Supplied information Block Start
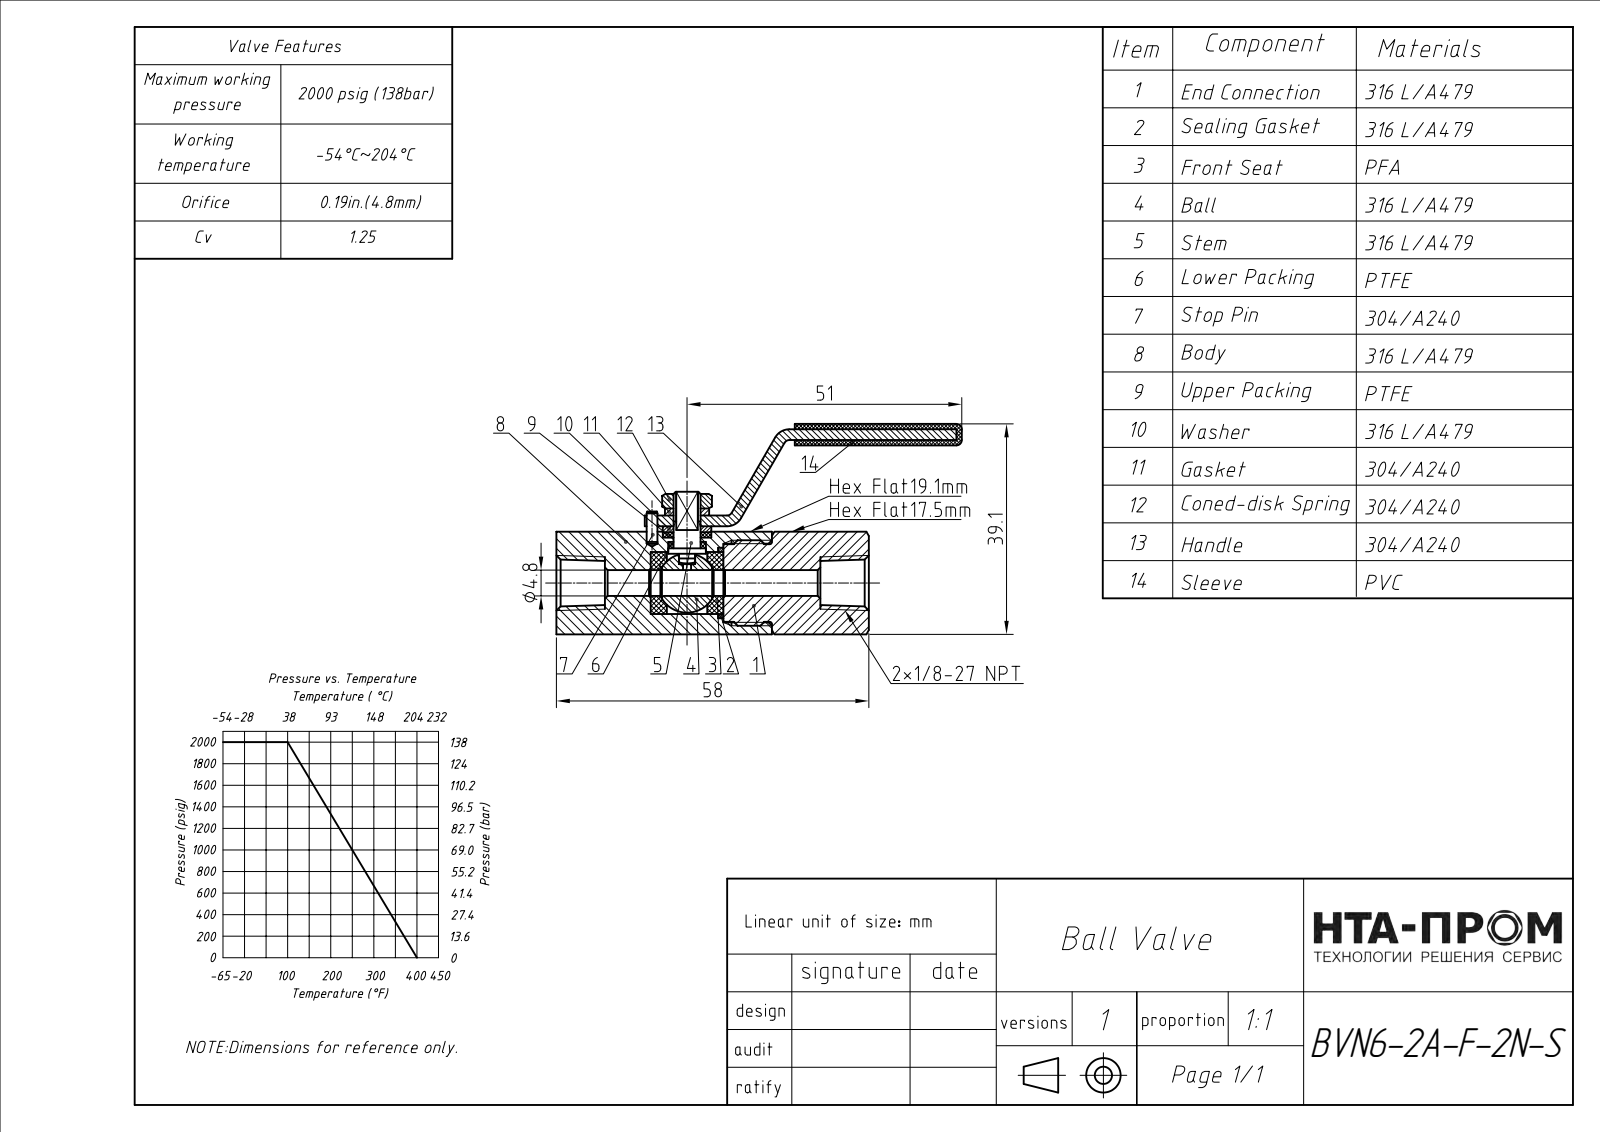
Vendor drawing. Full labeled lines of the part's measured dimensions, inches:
Part name (STEP PRODUCT): BVN6-2A-F-2N-S; BVN6; COMPOUND
STEP written by: FreeCAD (AUTOMOTIVE_DESIGN)
Units: inches
Bodies: 5 solids, 124 faces (55 planar, 39 cylindrical, 30 other)
Overall size (bounding box): 2.917 × 1.495 × 0.868
Volume: 1.068 in³ · Surface area: 15.01 in²
Round holes (diameter × count): ⌀0.189 ×1, ⌀0.453 ×1, ⌀0.575 ×1
Round bosses / shafts (diameter × count): ⌀0.625 ×1, ⌀0.567 ×1, ⌀0.323 ×1, ⌀0.276 ×1, ⌀0.197 ×1
Partial cylindrical surfaces — rounded edges, fillets, slot ends (radius × count): R0.024 ×4, R0.039 ×4, R0.197 ×3, R0.02 ×2, R0.079 ×2, R0.118 ×2, R0.315 ×1, R0.375 ×1
Main face-to-face distances: 0.752, 0.079, 0.689, 1.495, 0.743, 1.417, 0.665, 0.709, 0.63, 1.22
Supplied information Block End
__Your assignment__
Line by line, restate the data above exactly as it stands, minus the pictures.

__Answer to this problem__
Vendor drawing. Full labeled lines of the part's measured dimensions, inches:
Part name (STEP PRODUCT): BVN6-2A-F-2N-S; BVN6; COMPOUND
STEP written by: FreeCAD (AUTOMOTIVE_DESIGN)
Units: inches
Bodies: 5 solids, 124 faces (55 planar, 39 cylindrical, 30 other)
Overall size (bounding box): 2.917 × 1.495 × 0.868
Volume: 1.068 in³ · Surface area: 15.01 in²
Round holes (diameter × count): ⌀0.189 ×1, ⌀0.453 ×1, ⌀0.575 ×1
Round bosses / shafts (diameter × count): ⌀0.625 ×1, ⌀0.567 ×1, ⌀0.323 ×1, ⌀0.276 ×1, ⌀0.197 ×1
Partial cylindrical surfaces — rounded edges, fillets, slot ends (radius × count): R0.024 ×4, R0.039 ×4, R0.197 ×3, R0.02 ×2, R0.079 ×2, R0.118 ×2, R0.315 ×1, R0.375 ×1
Main face-to-face distances: 0.752, 0.079, 0.689, 1.495, 0.743, 1.417, 0.665, 0.709, 0.63, 1.22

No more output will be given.